En primer lugar, por su experiencia cotidiana de policía: si bien los
serial killers,
importados de Estados Unidos, se habían adueñado de la literatura y el cine universales, esta tendencia atroz no se había afirmado nunca en Francia. En veinte años de carrera, Niémans había perseguido a pedófilos que durante una crisis habían caído en el asesinato, a violadores convertidos en homicidas por exceso de brutalidad, a sadomasoquistas que se habían excedido en sus juegos crueles, pero nunca, en el sentido estricto del término, a un asesino en serie, exceptuando una terrible lista de asesinatos sin móvil ni indicios. No era una especialidad francesa. AI comisario le traía sin cuidado analizar semejante fenómeno, pero los hechos estaban a la vista: los últimos asesinos en serie franceses se llamaban Landru o el doctor Petiot y olían bastante al buen pequeñoburgués corriendo tras hurtos insignificantes y mediocres herencias. Nada en común con el desenfreno norteamericano, con los monstruos sanguinarios que atormentaban a Estados Unidos.
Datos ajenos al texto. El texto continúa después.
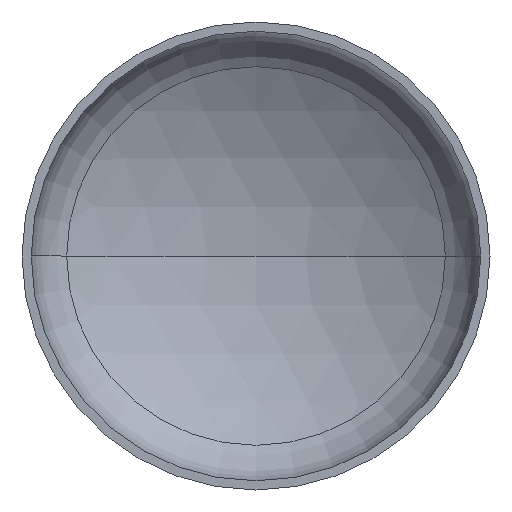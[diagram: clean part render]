
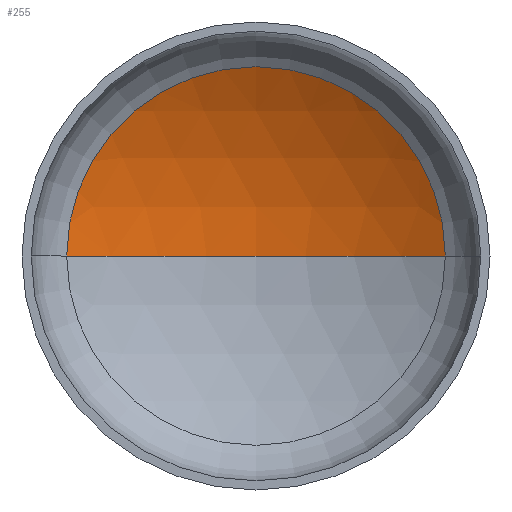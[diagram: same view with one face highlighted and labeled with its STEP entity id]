
A CAD part, front view. The second image highlights one B-rep face of the part: STEP entity #255.
In plain terms, the highlighted spherical face has radius 406 mm.
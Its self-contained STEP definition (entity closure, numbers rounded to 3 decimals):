
#2 = VERTEX_POINT ( 'NONE', #262 ) ;
#13 = EDGE_LOOP ( 'NONE', ( #93, #48, #110 ) ) ;
#17 = DIRECTION ( 'NONE',  ( 1., 0., 0. ) ) ;
#24 = DIRECTION ( 'NONE',  ( 0., 0., 1. ) ) ;
#42 = SPHERICAL_SURFACE ( 'NONE', #60, 406. ) ;
#48 = ORIENTED_EDGE ( 'NONE', *, *, #226, .T. ) ;
#60 = AXIS2_PLACEMENT_3D ( 'NONE', #217, #278, #140 ) ;
#62 = VERTEX_POINT ( 'NONE', #324 ) ;
#83 = AXIS2_PLACEMENT_3D ( 'NONE', #147, #24, #17 ) ;
#91 = AXIS2_PLACEMENT_3D ( 'NONE', #244, #242, #241 ) ;
#93 = ORIENTED_EDGE ( 'NONE', *, *, #230, .F. ) ;
#105 = AXIS2_PLACEMENT_3D ( 'NONE', #265, #263, #280 ) ;
#110 = ORIENTED_EDGE ( 'NONE', *, *, #225, .T. ) ;
#119 = VERTEX_POINT ( 'NONE', #318 ) ;
#140 = DIRECTION ( 'NONE',  ( -1., 0., 0. ) ) ;
#147 = CARTESIAN_POINT ( 'NONE',  ( 0., -252.892, 0. ) ) ;
#181 = CIRCLE ( 'NONE', #105, 205.476 ) ;
#217 = CARTESIAN_POINT ( 'NONE',  ( 0., -252.892, 0. ) ) ;
#225 = EDGE_CURVE ( 'NONE', #62, #119, #181, .T. ) ;
#226 = EDGE_CURVE ( 'NONE', #2, #62, #317, .T. ) ;
#230 = EDGE_CURVE ( 'NONE', #2, #119, #377, .T. ) ;
#241 = DIRECTION ( 'NONE',  ( -1., 0., 0. ) ) ;
#242 = DIRECTION ( 'NONE',  ( 0., 0., -1. ) ) ;
#244 = CARTESIAN_POINT ( 'NONE',  ( 0., -252.892, 0. ) ) ;
#255 = ADVANCED_FACE ( 'NONE', ( #258 ), #42, .F. ) ;
#258 = FACE_OUTER_BOUND ( 'NONE', #13, .T. ) ;
#262 = CARTESIAN_POINT ( 'NONE',  ( 0., 153.108, 0. ) ) ;
#263 = DIRECTION ( 'NONE',  ( 0., -1., 0. ) ) ;
#265 = CARTESIAN_POINT ( 'NONE',  ( 0., 97.273, 0. ) ) ;
#278 = DIRECTION ( 'NONE',  ( 0., 0., -1. ) ) ;
#280 = DIRECTION ( 'NONE',  ( 1., 0., 0. ) ) ;
#317 = CIRCLE ( 'NONE', #91, 406. ) ;
#318 = CARTESIAN_POINT ( 'NONE',  ( -205.476, 97.273, 0. ) ) ;
#324 = CARTESIAN_POINT ( 'NONE',  ( 205.476, 97.273, 0. ) ) ;
#377 = CIRCLE ( 'NONE', #83, 406. ) ;

El comisario observó una vez más las fotografías del joven Philippe Sertys y después las de Rémy Caillois, esparcidas sobre la mesa de estudiante. De la camisa acartonada le cayeron también los negativos del primer cadáver. El terror le quemó la conciencia como un hierro candente: no podía permanecer así, de brazos cruzados. En el mismo instante en que miraba esas fotos Polaroid, un tercer hombre podía estar sufriendo las peores torturas. Tal vez sus órbitas estaban siendo trituradas con un
cutter o
sus ojos arrancados por unas manos enguantadas en plástico.
Eran las siete de la tarde. Anochecía. Niémans se levantó y apagó el neón de la salita. El policía se decidió por una zambullida profunda en la existencia de Philippe Sertys. Quizás encontrara algo. Un indicio, un signo.
O simplemente, otro punto en común entre las dos víctimas.
Philippe Sertys y su madre vivían en una pequeña casa en las afueras del pueblo, no lejos de un barrio de edificios decrépitos en una calle desierta. Un tejado marrón, una fachada blanca y sucia, visillos de encaje amarillento que enmarcaban la oscuridad interior como una sonrisa cariada. Niémans sabía que la anciana estaba detallando todavía su declaración en la comisaría y en la casa no brillaba ninguna luz. Sin embargo, llamó, para no correr riesgos.
No hubo respuesta.
Niémans rodeó la barraca. El viento soplaba con violencia. Un viento helado, portador de las primicias del invierno. Un pequeño garaje lindaba con la vivienda en el lado izquierdo. Echó una mirada y vio un Lada fangoso que ya acusaba los signos de la edad. Continuó su camino. Varios metros cuadrados de césped cortado se extendían detrás del edificio: el jardín.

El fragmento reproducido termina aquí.